Doit-on vraiment être « noir et fier» ?

« Noir et fier ». Voilà trois mots, qui, prononcés successivement me laissent pensif depuis un moment. Je croise cette expression assez souvent ces derniers temps. Des blogs, comptes et sites sont drapés de cette nomination. C’est aussi quelque chose que j’ai eu l’occasion de lire plusieurs fois dans les commentaires de mes précédentes publications. L’idée de ceux qui ont mis sur pied ces espaces est sans doute de valoriser la peau noire ; et elle est louable. Le contenu de ces plateformes est hautement appréciable, et là n’est pas le sujet. Mais il y a en arrière-plan une stratégie défensive, un complexe d’infériorité trop évident, comme si l’on cherchait à se rassurer de quelque chose.

Ce qu’implique la fierté

Dans un contexte d’autodiscrimination (je parle bien d’auto-discrimination, parce que la discrimination des autres à notre égard ne devrait pas nous intéresser outre mesure), il faut rappeler ce que les Noirs ont fait et continuent à faire. Mais il ne faut pas le rappeler pour simplement s’en prévaloir. Sinon, l’on ne fait rien d’autre que de l’histoire statique. Il faut le rappeler pour s’en inspirer.
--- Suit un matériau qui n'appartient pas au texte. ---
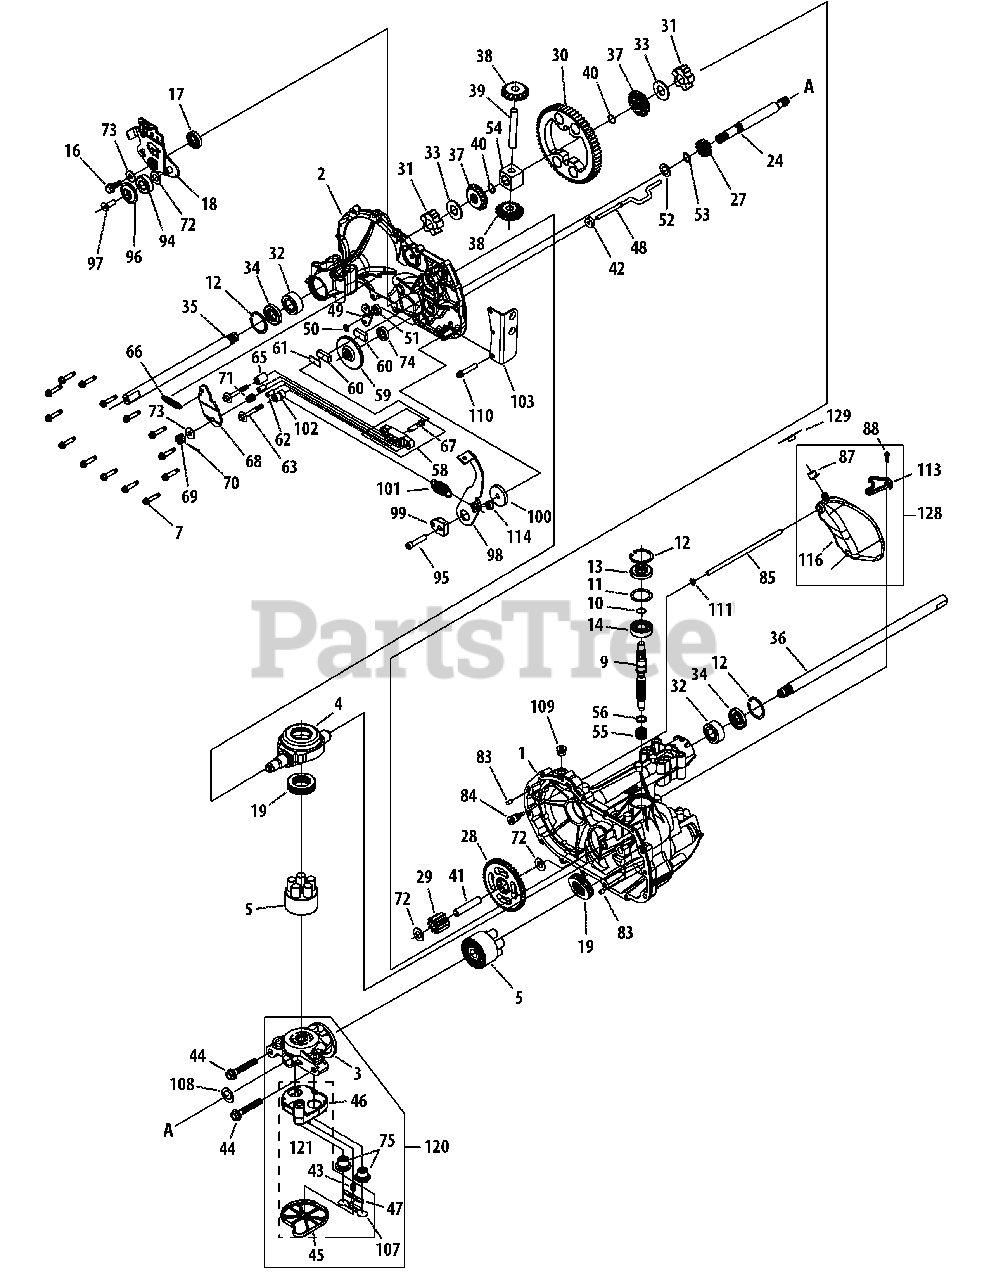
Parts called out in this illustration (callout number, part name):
1	Main Housing Assembly
1	Main Housing, Machined
1	Bushing ,865 x 985 x .790
2	Main Housing Assembly
2	Main Housing, Machined
2	Bushing ,865 x 985 x .790
2	Bushing 624 x 719 x . 562
3	Center Section Assembly
3	Center Section Machined
3	Bushing. 707 x . 788 x . 591
4	Swashplate, Trunnion Machined
5	Block - Assembly
5	Block - Cylinder
5	Piston
5	Spring, Compression
5	Washer - Thrust
7	Hex Flange Screw 1/4-20 x-1,25
9	Shaft, Input
10	Ring - Retaining
12	Ring - Retaining
13	SeaL Lip .67 x 1.58 x .276
14	Ball Bearing 17mm Id x 40mm Od
16	Bolt. Flange 5/16-24 x .94 (Patch)
17	Lip Seal 18 x 32 x 7
18	Arm Control
19	Bearing 30x52 x 13 Thrust
24	Shaft Motor
27	Gear - Pinnion 12t
28	10t/49t Gear
29	Gear Jot Jackshaft
30	60t Bull Gear
31	Sleeve Bearing . 75 x 1.750 x .625
32	Sleeve Bearing .75 x 1.575 x ,625
33	Washer 3/4 Id x 1-1/2 Od x .13 Thk
34	Lip Seal Axle Seal
35	Shaft Axle . 75 x 11. 39 ( Dd R. H, )
36	Shaft Axle .75 x 17. 99 ( Dd, L, H.)
37	Miter Gear (Splined)
38	Miter Gear 15t (0 .5 Id)
40	Ring, Spiral Retaining
41	Pin, Jackshaft
42	Magnet, Ring
43	Spring, Bypass
44	Hydro Mtg Screw 3/8-24 x 2.5
45	Bottom, Filter
46	Base Filter W/ Poppet
47	Actuator Bypass
48	Rod Bypass Actuator
49	Arm, Bypass
50	Retaining Ring 0.250 External
51	Seal, Lip . 741 x .250 x .250 Tc
52	Flat Washer 5/8 Id x 1.0 Od x . 05
53	Retaining Ring
54	Bearing, Center Block
55	Spring - Helical Compression
58	Kit, Brake Yoke
58	Brake Yoke
58	Sq. Hd, Bolt 5/16-24 Ribbed
59	Rotor, Brake
60	Brake Puck
61	Puck Plate
62	Brake Actuating Pin
63	Hex Screw 1/4-20 x 2 w/ Patch
66	Kit, Spring
67	So. Hd, Bolt 5/16-24- Ribbed
68	Arm, Brake
69	Slotted Hex Nut 5/16-24
70	Cotter Pin 3/32 x 3/4
71	Comp. Spring Brake Anti-Drag
72	Washer, Ht .5 I. D. x 1 OD, x .032
73	Flat Washer, 11/32 ID x 7/8 OD
74	Kit, Seal
74	Oil, Seal 625 x Lo x .25
74	Ring, Ret-Star Washer
74	Bulletin, Shaft Seal
75	Check Plug Assem, .027 Washer
83	Pin, Standard Headless
84	Fitting, 5/16 Sae 5/32 Tube
85	Hose, Expansion Tank
87	Cap,. Vent
88	Bolt, Self Tapping 10-32 x 112
94	Ball Bearing .62 Id x 1,38 x 44
95	Cap Screw, 5/16-24 x 1-112
96	Spacer, Locating
97	Screw, Sfhcs
98	Arm, Return
99	Puck, Adjusting
100	Washer, .32 OD x 1.6 ID x .24
101	Spring, Extension
102	Spacer, .56 x .26 x .87
103	Bracket, Torque
107	Deflector
108	Washer, Motor Shaft .71 Id 1.15 Od
110	Torx Head Screw, 5/16-18
111	O-Ring, .07 x .301 ID
113	Bracket, Support Expansion Tank
114	Spring Guide
116	Silicon Sponge
120	Center Section - Bypass Assm
120	Center Section Machined
120	Base Filter w/ Poppet
120	Check Plug Assembly
120	Spring Bypass
120	Actuator Bypass
120	Deflector
120	Bottom, Filter
120	Bushing, .707 x .788 x .591
121	Filter Assembly
121	Bottom Filter
121	Base Filter w/ Poppet
121	Spring Bypass
121	Actuator Bypass
121	Deflector
128	Kit, Expansion Tank
128	Tank, Expansion
128	Cap, Vent
128	Bolt, Self Tapping 10-32 x 1/2
128	Bracket, Support Expansion Tank
128	Silicon-Sponge 112 x 1/2 x 3/16
129	Cap, Expansion Tank Shipping

Etre fier de quelque chose ou de quelqu’un, qu’est-ce que cela implique de façon pratique ? L’on peut être fier de ce que son enfant a accompli, dans la mesure où il est devenu avocat, styliste de renommée mondiale, acteur important… On peut être fier à un instant d’appartenir à une nation, parce que l’équipe nationale de football a remporté une compétition. On peut être fier de soi-même, parce que l’on a réussi à mener à bien un projet, à accroître sa clientèle, à obtenir son diplôme…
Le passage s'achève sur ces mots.